◆ **Data shown**:
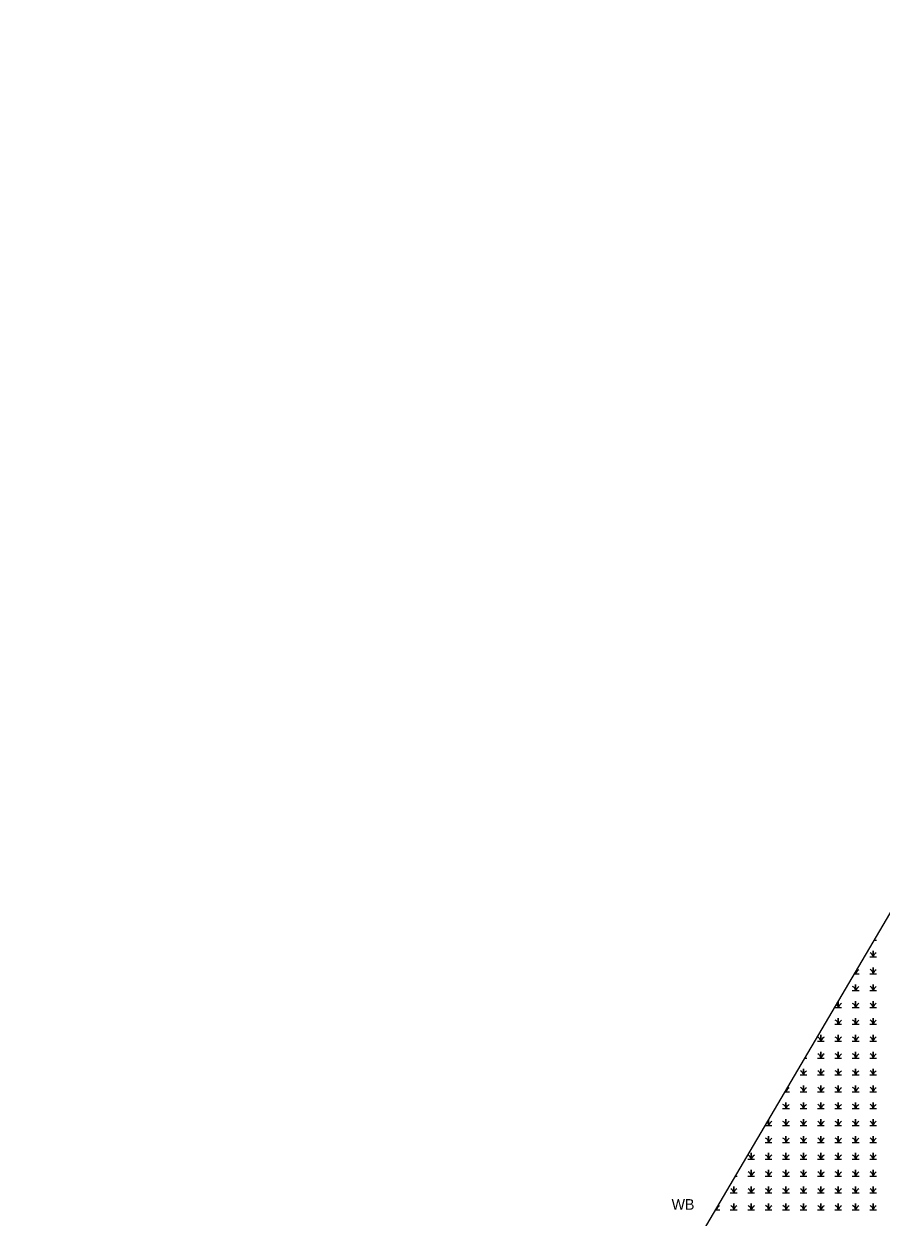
# Model space of a CAD drawing. Extents: x 2379288 to 2381905, y 330670 to 333511.
# Drawn here: x 2379288 to 2380098, y 331977 to 333104 of the extents above; entities that cross this region are included whole.
import ezdxf

# ---------------------------------------------------------------- set-up
doc = ezdxf.new("R2010")
doc.units = 0
for name, color, linetype in [('Default', 7, 'Continuous'), ('Exist Environmental Wetland Boundary Text', 7, 'Continuous'), ('Exist Hydro Swamp or Marsh', 7, 'Continuous')]:
    doc.layers.add(name, color=color, linetype=linetype)

msp = doc.modelspace()

# ---------------------------------------------------------------- linework, layer by layer
at = {"layer": 'Default'}
msp.add_lwpolyline([(2379288.1, 330873.4), (2380109.3, 332268.6), (2380147.9, 332331.8), (2380190.7, 332397.5), (2380235.6, 332461.8), (2380282.6, 332524.7), (2380331.5, 332586), (2380382.3, 332645.8), (2380434.9, 332703.9), (2380489.4, 332760.3), (2380545.6, 332815), (2380603.5, 332867.9), (2380663.1, 332919), (2380724.2, 332968.1), (2380786.8, 333015.3), (2380851, 333060.5), (2380916.5, 333103.7)], dxfattribs=at)
at = {"layer": 'Exist Hydro Swamp or Marsh'}
for p, q in [((2380091.8, 332238.4), (2380093.5, 332238.4)), ((2380026, 332127), (2380027.7, 332127)), ((2379960.4, 332015.6), (2379961.9, 332015.6))]:
    msp.add_line(p, q, dxfattribs=at)
for points in [[(2380087.1, 332222.5), (2380090.3, 332222.5), (2380090.3, 332228.4), (2380090.3, 332222.5), (2380093.5, 332222.5)], [(2380072.9, 332206.6), (2380073.8, 332206.6), (2380073.8, 332208.1)], [(2380073.8, 332208.1), (2380073.8, 332206.6), (2380077.1, 332206.6)], [(2380087.1, 332206.6), (2380090.3, 332206.6), (2380090.3, 332212.5), (2380090.3, 332206.6), (2380093.5, 332206.6)], [(2380070.6, 332190.7), (2380073.8, 332190.7), (2380073.8, 332196.6), (2380073.8, 332190.7), (2380077.1, 332190.7)], [(2380087.1, 332190.7), (2380090.3, 332190.7), (2380090.3, 332196.6), (2380090.3, 332190.7), (2380093.5, 332190.7)], [(2380054.2, 332174.8), (2380057.4, 332174.8), (2380057.4, 332180.4)], [(2380057.4, 332180.4), (2380057.4, 332174.8), (2380060.6, 332174.8)], [(2380070.6, 332174.8), (2380073.8, 332174.8), (2380073.8, 332180.7), (2380073.8, 332174.8), (2380077.1, 332174.8)], [(2380087.1, 332174.8), (2380090.3, 332174.8), (2380090.3, 332180.7), (2380090.3, 332174.8), (2380093.5, 332174.8)], [(2380054.2, 332158.9), (2380057.4, 332158.9), (2380057.4, 332164.8), (2380057.4, 332158.9), (2380060.6, 332158.9)], [(2380070.6, 332158.9), (2380073.8, 332158.9), (2380073.8, 332164.8), (2380073.8, 332158.9), (2380077.1, 332158.9)], [(2380087.1, 332158.9), (2380090.3, 332158.9), (2380090.3, 332164.8), (2380090.3, 332158.9), (2380093.5, 332158.9)], [(2380037.7, 332142.9), (2380040.9, 332142.9), (2380040.9, 332148.9), (2380040.9, 332142.9), (2380044.2, 332142.9)], [(2380054.2, 332142.9), (2380057.4, 332142.9), (2380057.4, 332148.9), (2380057.4, 332142.9), (2380060.6, 332142.9)], [(2380070.6, 332142.9), (2380073.8, 332142.9), (2380073.8, 332148.9), (2380073.8, 332142.9), (2380077.1, 332142.9)], [(2380087.1, 332142.9), (2380090.3, 332142.9), (2380090.3, 332148.9), (2380090.3, 332142.9), (2380093.5, 332142.9)], [(2380037.7, 332127), (2380040.9, 332127), (2380040.9, 332132.9), (2380040.9, 332127), (2380044.2, 332127)], [(2380054.2, 332127), (2380057.4, 332127), (2380057.4, 332132.9), (2380057.4, 332127), (2380060.6, 332127)], [(2380070.6, 332127), (2380073.8, 332127), (2380073.8, 332132.9), (2380073.8, 332127), (2380077.1, 332127)], [(2380087.1, 332127), (2380090.3, 332127), (2380090.3, 332132.9), (2380090.3, 332127), (2380093.5, 332127)], [(2380021.3, 332111.1), (2380024.5, 332111.1), (2380024.5, 332117), (2380024.5, 332111.1), (2380027.7, 332111.1)], [(2380037.7, 332111.1), (2380040.9, 332111.1), (2380040.9, 332117), (2380040.9, 332111.1), (2380044.2, 332111.1)], [(2380054.2, 332111.1), (2380057.4, 332111.1), (2380057.4, 332117), (2380057.4, 332111.1), (2380060.6, 332111.1)], [(2380070.6, 332111.1), (2380073.8, 332111.1), (2380073.8, 332117), (2380073.8, 332111.1), (2380077.1, 332111.1)], [(2380087.1, 332111.1), (2380090.3, 332111.1), (2380090.3, 332117), (2380090.3, 332111.1), (2380093.5, 332111.1)], [(2380007.2, 332095.2), (2380008, 332095.2), (2380008, 332096.5)], [(2380008, 332096.5), (2380008, 332095.2), (2380011.3, 332095.2)], [(2380021.3, 332095.2), (2380024.5, 332095.2), (2380024.5, 332101.1), (2380024.5, 332095.2), (2380027.7, 332095.2)], [(2380037.7, 332095.2), (2380040.9, 332095.2), (2380040.9, 332101.1), (2380040.9, 332095.2), (2380044.2, 332095.2)], [(2380054.2, 332095.2), (2380057.4, 332095.2), (2380057.4, 332101.1), (2380057.4, 332095.2), (2380060.6, 332095.2)], [(2380070.6, 332095.2), (2380073.8, 332095.2), (2380073.8, 332101.1), (2380073.8, 332095.2), (2380077.1, 332095.2)], [(2380087.1, 332095.2), (2380090.3, 332095.2), (2380090.3, 332101.1), (2380090.3, 332095.2), (2380093.5, 332095.2)], [(2380004.8, 332079.3), (2380008, 332079.3), (2380008, 332085.2), (2380008, 332079.3), (2380011.3, 332079.3)], [(2380021.3, 332079.3), (2380024.5, 332079.3), (2380024.5, 332085.2), (2380024.5, 332079.3), (2380027.7, 332079.3)], [(2380037.7, 332079.3), (2380040.9, 332079.3), (2380040.9, 332085.2), (2380040.9, 332079.3), (2380044.2, 332079.3)], [(2380054.2, 332079.3), (2380057.4, 332079.3), (2380057.4, 332085.2), (2380057.4, 332079.3), (2380060.6, 332079.3)], [(2380070.6, 332079.3), (2380073.8, 332079.3), (2380073.8, 332085.2), (2380073.8, 332079.3), (2380077.1, 332079.3)], [(2380087.1, 332079.3), (2380090.3, 332079.3), (2380090.3, 332085.2), (2380090.3, 332079.3), (2380093.5, 332079.3)], [(2380004.8, 332063.4), (2380008, 332063.4), (2380008, 332069.3), (2380008, 332063.4), (2380011.3, 332063.4)], [(2380021.3, 332063.4), (2380024.5, 332063.4), (2380024.5, 332069.3), (2380024.5, 332063.4), (2380027.7, 332063.4)], [(2380037.7, 332063.4), (2380040.9, 332063.4), (2380040.9, 332069.3), (2380040.9, 332063.4), (2380044.2, 332063.4)], [(2380054.2, 332063.4), (2380057.4, 332063.4), (2380057.4, 332069.3), (2380057.4, 332063.4), (2380060.6, 332063.4)], [(2380070.6, 332063.4), (2380073.8, 332063.4), (2380073.8, 332069.3), (2380073.8, 332063.4), (2380077.1, 332063.4)], [(2380087.1, 332063.4), (2380090.3, 332063.4), (2380090.3, 332069.3), (2380090.3, 332063.4), (2380093.5, 332063.4)], [(2379988.5, 332063.4), (2379991.6, 332063.4), (2379991.6, 332068.6)], [(2379991.6, 332068.6), (2379991.6, 332063.4), (2379994.8, 332063.4)], [(2379988.3, 332047.4), (2379991.6, 332047.4), (2379991.6, 332053.4), (2379991.6, 332047.4), (2379994.8, 332047.4)], [(2380004.8, 332047.4), (2380008, 332047.4), (2380008, 332053.4), (2380008, 332047.4), (2380011.3, 332047.4)], [(2380021.3, 332047.4), (2380024.5, 332047.4), (2380024.5, 332053.4), (2380024.5, 332047.4), (2380027.7, 332047.4)], [(2380037.7, 332047.4), (2380040.9, 332047.4), (2380040.9, 332053.4), (2380040.9, 332047.4), (2380044.2, 332047.4)], [(2380054.2, 332047.4), (2380057.4, 332047.4), (2380057.4, 332053.4), (2380057.4, 332047.4), (2380060.6, 332047.4)], [(2380070.6, 332047.4), (2380073.8, 332047.4), (2380073.8, 332053.4), (2380073.8, 332047.4), (2380077.1, 332047.4)], [(2380087.1, 332047.4), (2380090.3, 332047.4), (2380090.3, 332053.4), (2380090.3, 332047.4), (2380093.5, 332047.4)], [(2379971.9, 332031.5), (2379975.1, 332031.5), (2379975.1, 332037.4), (2379975.1, 332031.5), (2379978.3, 332031.5)], [(2379988.3, 332031.5), (2379991.6, 332031.5), (2379991.6, 332037.4), (2379991.6, 332031.5), (2379994.8, 332031.5)], [(2380004.8, 332031.5), (2380008, 332031.5), (2380008, 332037.4), (2380008, 332031.5), (2380011.3, 332031.5)], [(2380021.3, 332031.5), (2380024.5, 332031.5), (2380024.5, 332037.4), (2380024.5, 332031.5), (2380027.7, 332031.5)], [(2380037.7, 332031.5), (2380040.9, 332031.5), (2380040.9, 332037.4), (2380040.9, 332031.5), (2380044.2, 332031.5)], [(2380054.2, 332031.5), (2380057.4, 332031.5), (2380057.4, 332037.4), (2380057.4, 332031.5), (2380060.6, 332031.5)], [(2380070.6, 332031.5), (2380073.8, 332031.5), (2380073.8, 332037.4), (2380073.8, 332031.5), (2380077.1, 332031.5)], [(2380087.1, 332031.5), (2380090.3, 332031.5), (2380090.3, 332037.4), (2380090.3, 332031.5), (2380093.5, 332031.5)], [(2379971.9, 332015.6), (2379975.1, 332015.6), (2379975.1, 332021.5), (2379975.1, 332015.6), (2379978.3, 332015.6)], [(2379988.3, 332015.6), (2379991.6, 332015.6), (2379991.6, 332021.5), (2379991.6, 332015.6), (2379994.8, 332015.6)], [(2380004.8, 332015.6), (2380008, 332015.6), (2380008, 332021.5), (2380008, 332015.6), (2380011.3, 332015.6)], [(2380021.3, 332015.6), (2380024.5, 332015.6), (2380024.5, 332021.5), (2380024.5, 332015.6), (2380027.7, 332015.6)], [(2380037.7, 332015.6), (2380040.9, 332015.6), (2380040.9, 332021.5), (2380040.9, 332015.6), (2380044.2, 332015.6)], [(2380054.2, 332015.6), (2380057.4, 332015.6), (2380057.4, 332021.5), (2380057.4, 332015.6), (2380060.6, 332015.6)], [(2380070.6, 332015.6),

◆ **Task goal**:
Retype the portion of the data above that starts on the line with "doc.layers.add(name, color=color, linetype=linetype)" and finishes on the line with "msp.add_line(p, q, dxfattribs=at)", including both of those lines.

◆ **Answer box**:
    doc.layers.add(name, color=color, linetype=linetype)

msp = doc.modelspace()

# ---------------------------------------------------------------- linework, layer by layer
at = {"layer": 'Default'}
msp.add_lwpolyline([(2379288.1, 330873.4), (2380109.3, 332268.6), (2380147.9, 332331.8), (2380190.7, 332397.5), (2380235.6, 332461.8), (2380282.6, 332524.7), (2380331.5, 332586), (2380382.3, 332645.8), (2380434.9, 332703.9), (2380489.4, 332760.3), (2380545.6, 332815), (2380603.5, 332867.9), (2380663.1, 332919), (2380724.2, 332968.1), (2380786.8, 333015.3), (2380851, 333060.5), (2380916.5, 333103.7)], dxfattribs=at)
at = {"layer": 'Exist Hydro Swamp or Marsh'}
for p, q in [((2380091.8, 332238.4), (2380093.5, 332238.4)), ((2380026, 332127), (2380027.7, 332127)), ((2379960.4, 332015.6), (2379961.9, 332015.6))]:
    msp.add_line(p, q, dxfattribs=at)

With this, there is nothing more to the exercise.